UK government websites out of control

Report...the Government is not sure exactly how many websites it has, but believes there could be as many as 2,500. Nor does it know how much these websites cost or if anyone is using them.

Does this include quangos? I'm guessing not as they don't have the suffixes indicated. Yet they, and their comms budgets, still drain the public purse, do they not?
It's certainly not easy, especially when there are those who serve more niche social areas that may well be worth supporting... way up to those that really feed a major information interest and could be nice little earners if commercial.
Hence ROIs must be hard to judge, but I think the public deserves better in being able to assess them, from what they do, for whom, with what, at what cost... and to what effect.
Otherwise many seem no more than conveniently vague and unaccountable ways to employ lots of folk at best keeping them busy... or less nobly pushing agendas.

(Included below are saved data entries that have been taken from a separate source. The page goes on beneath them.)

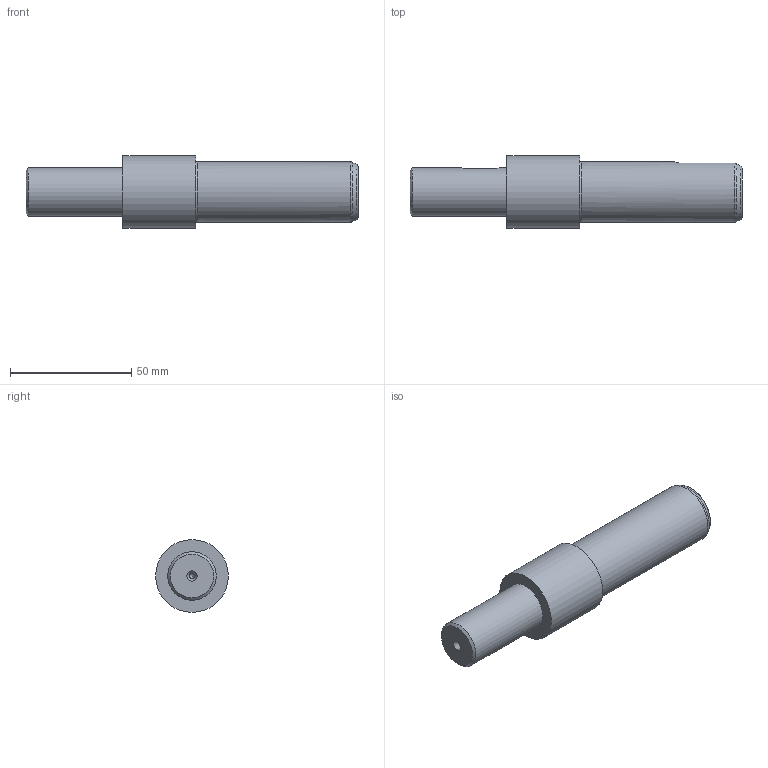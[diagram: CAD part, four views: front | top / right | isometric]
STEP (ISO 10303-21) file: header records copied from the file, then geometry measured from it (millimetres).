
FILE_DESCRIPTION(/* description */ (''),/* implementation_level */ '2;1');
FILE_NAME(/* name */ '',/* time_stamp */ '2025-11-19T16:40:23+09:00',/* author */ ('jhkim'),/* organization */ (''),/* preprocessor_version */ 'ST-DEVELOPER v20.1',/* originating_system */ 'Autodesk Inventor 2026',/* authorisation */ '');
FILE_SCHEMA (('AUTOMOTIVE_DESIGN { 1 0 10303 214 3 1 1 }'));
Length unit declared in the file: millimetre
Products named in the file (1): 출력 축
Bounding box: 137 x 30 x 30 mm (x, y, z)
Volume: 65069.2 mm3; surface area: 12395.4 mm2
Topology: 1 solids, 1 shells, 27 faces, 66 edges, 44 vertices
Faces by surface type: plane 10, cylinder 8, cone 6, torus 3
Full cylindrical faces by diameter (mm): 2 x1, 4.917 x1, 20 x1, 25 x1, 30 x1
Entity records: 894 total; most frequent: CARTESIAN_POINT 218, DIRECTION 133, ORIENTED_EDGE 128, EDGE_CURVE 64, AXIS2_PLACEMENT_3D 53, VERTEX_POINT 44, EDGE_LOOP 32, FACE_OUTER_BOUND 27
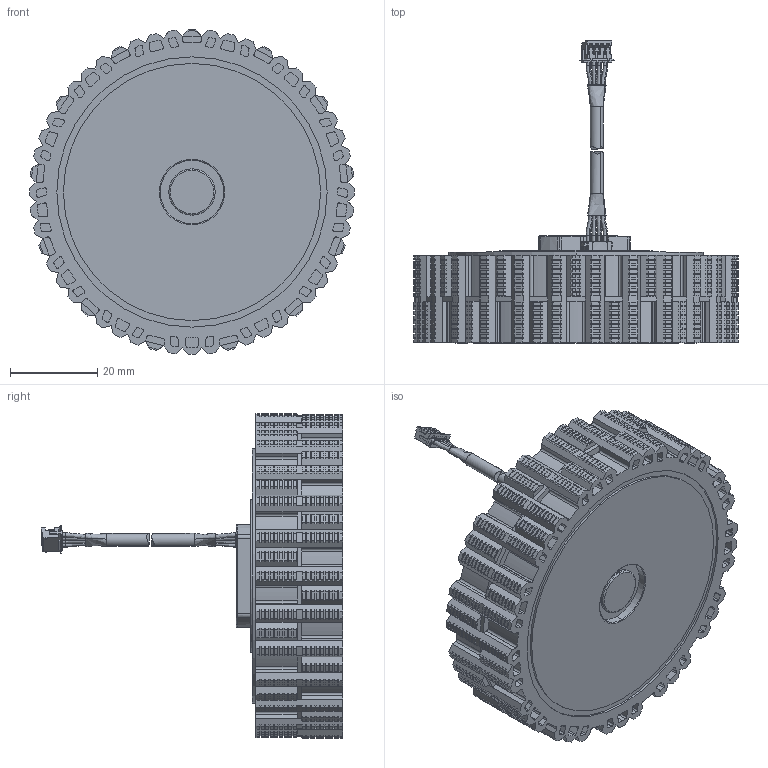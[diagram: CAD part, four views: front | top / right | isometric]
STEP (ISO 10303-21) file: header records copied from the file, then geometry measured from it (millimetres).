
FILE_DESCRIPTION (( 'STEP AP203' ), '1' );
FILE_NAME ('M0603B 軞蚾.STEP', '2024-12-13T11:02:47', ( '' ), ( '' ), 'SwSTEP 2.0', 'SolidWorks 2022', '' );
FILE_SCHEMA (( 'CONFIG_CONTROL_DESIGN' ));
Products named in the file (1): M0603B 軞蚾
Bounding box: 74.5 x 69.25 x 74.5 mm (x, y, z)
Volume: 79434.3 mm3; surface area: 24346.8 mm2
Topology: 12 solids, 12 shells, 4519 faces, 13065 edges, 8657 vertices
Faces by surface type: plane 2240, cylinder 2197, bspline 40, torus 39, cone 3
Entity records: 154112 total; most frequent: CARTESIAN_POINT 31344, DIRECTION 26238, ORIENTED_EDGE 26130, EDGE_CURVE 13065, AXIS2_PLACEMENT_3D 8948, VERTEX_POINT 8657, VECTOR 8342, LINE 8342

I recently had an emailing from one eco-effort, that seems to have been set up with a massive wadge of wonga with many noisy bells and confusing whistles, staffed by all manner of nifty titled folk, claiming a monthly visitorship of '50,000 hits'. Now I know what the average Reg reader can carry in a fingernail about IT and the web, but this doesn't sound like the best way to share such info, and even if it was doesn't sound like a lot.
And let's not forget, when thinking of bigger (and possibly 'better') sites such as http://www.dft.gov.uk/ActOnCO2/ or recyclenow.com, you are also talking massive ad budgets in support to drive traffic.
It would be great to really challenge these in the same way those not so blessed by 'more benign' funding models are, yet can find themselves competed with for audience... often unfairly. I certainly have experience of going to one quango for help in an area their remit required, only to be rejected but then find what I pitched got cranked out subsequently as part of their offering.
Yet private sites often are much better in delivering public information at much better value, especially by not being constrained by the dead hand of public service agenda, committee mentality and ministerial oversight. You just have to start with some URLs to see how they have not exactly got what it takes to push the buttons of a public used to pretty exciting and entertaining fare.
I find it amazing those we do have to pay for seem to have no way currently of judging their performance and/or worth.